Friday, March 16, 2012

Trade at the Extensive Margin and Civil Wars in Africa

This weekend, the 2012 CSAE conference will start. Not just the best conference about anything related to economy in Africa, it is also the biggest Development conference in Europe (many people present studies about Asia and LAC as well). The keynote speakers and presenters are fantastic and the Oxford environment provides a mystic touch (also gives me the opportunity to visit Hi Lo one more time...)

I will be presenting a paper about the increase in trade at the extensive margin after the end of civil wars in Africa. My coauthor Dick Kamuganga has insider knowledge about the two main issues of the paper: he worked at the Ministry of Tourism, Trade and Industry of Uganda and also was fighting the rebels in the North.

We actually started thinking about this when writing a policy paper about trade policy in Uganda. One fact that was very striking in the trade data was the increase of Uganda's exports to Burundi, Rwanda and Sudan, all neighbors that recently had finished severe civil wars. While the amount was not too big compared to total exports, the number of different products exported was impressive. Sure, part of the story comes from re-exports to landlocked countries, but there is more that that.

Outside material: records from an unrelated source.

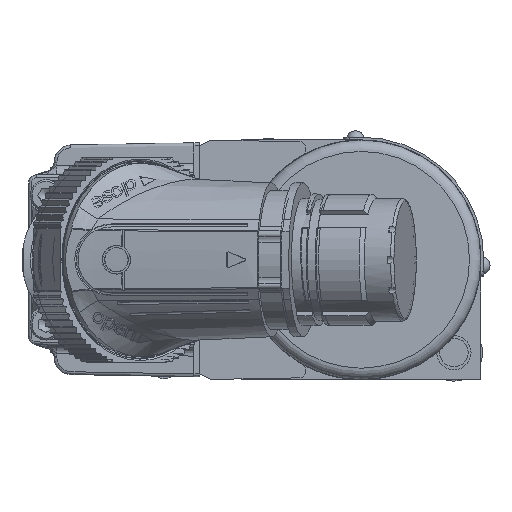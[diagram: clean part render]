
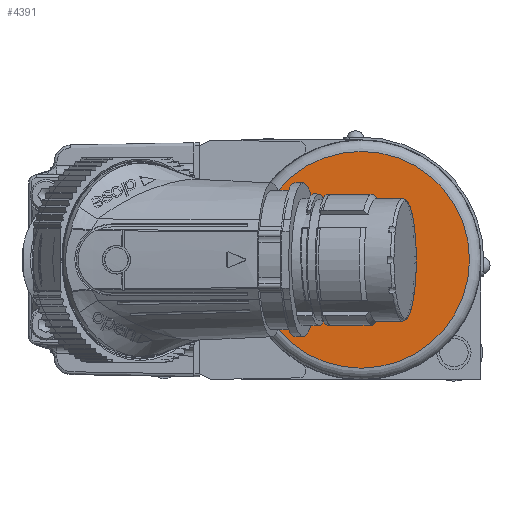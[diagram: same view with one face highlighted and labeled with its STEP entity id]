
A CAD part, left-side view. The second image highlights one B-rep face of the part: STEP entity #4391.
In plain terms, the highlighted planar face has unit normal (-1, 0, 0).
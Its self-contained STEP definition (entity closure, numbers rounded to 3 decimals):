
#4391 = ADVANCED_FACE ( 'NONE', ( #41610 ), #49950, .T. ) ;
#6067 = DIRECTION ( 'NONE',  ( 0., 0., 1. ) ) ;
#9851 = VERTEX_POINT ( 'NONE', #59695 ) ;
#36004 = EDGE_LOOP ( 'NONE', ( #85329 ) ) ;
#41610 = FACE_OUTER_BOUND ( 'NONE', #36004, .T. ) ;
#43561 = DIRECTION ( 'NONE',  ( 0., 0., 1. ) ) ;
#44284 = DIRECTION ( 'NONE',  ( -1., 0., 0. ) ) ;
#44969 = AXIS2_PLACEMENT_3D ( 'NONE', #89471, #48029, #6067 ) ;
#48029 = DIRECTION ( 'NONE',  ( -1., 0., 0. ) ) ;
#49950 = PLANE ( 'NONE',  #64684 ) ;
#56646 = CARTESIAN_POINT ( 'NONE',  ( -279., 0., 0. ) ) ;
#59695 = CARTESIAN_POINT ( 'NONE',  ( -279., 0., 19. ) ) ;
#64684 = AXIS2_PLACEMENT_3D ( 'NONE', #56646, #44284, #43561 ) ;
#71600 = EDGE_CURVE ( 'NONE', #9851, #9851, #73652, .T. ) ;
#73652 = CIRCLE ( 'NONE', #44969, 19. ) ;
#85329 = ORIENTED_EDGE ( 'NONE', *, *, #71600, .T. ) ;
#89471 = CARTESIAN_POINT ( 'NONE',  ( -279., 0., 0. ) ) ;

Is the increase in trade at the extensive margin a general trend in post-conflict countries? We test this hypothesis using bilateral trade data disaggregated in 5,000 products for 47 African countries exporting to 191 potential markets around the world, in a sample period of 1995 to 2009. We  first show that, after controlling for unobserved heterogeneity at the country-pair/product level, the probability of exporting a new product to a new destination is an increasing function of the years the exporter finished a war. The first years after the conflict are particularly intense in terms of new exports:

An important issue in our estimation is inference. In the paper we show different samples, defined in order to control the quality of reported data. In the less demanding specification we have around 11,500,000 observations and in the most demanding around 500,000, given our dependent variable is at country-pair/product level. With all this observations, everything we put in the regression turns out to be significant if we assume standard errors are independent. But clearly this is not the case here. We first cluster the errors at dyadic level (as most previous studies do) and still find nice confidence intervals for years after the war. Nevertheless, if we do two-way clustering errors at the country level, the intervals get really wide (but the dummies are still jointly significant). 

We extend our estimation to include exports to post-conflict destinations (like the Uganda->Rwanda case), and find spillovers to neighboring countries: an increase in the probability of exporting a new product with the number of years that the destination country has ended a civil war.

We hope to be providing convincing evidence of new economic benefits of peace: export diversification and regional integration.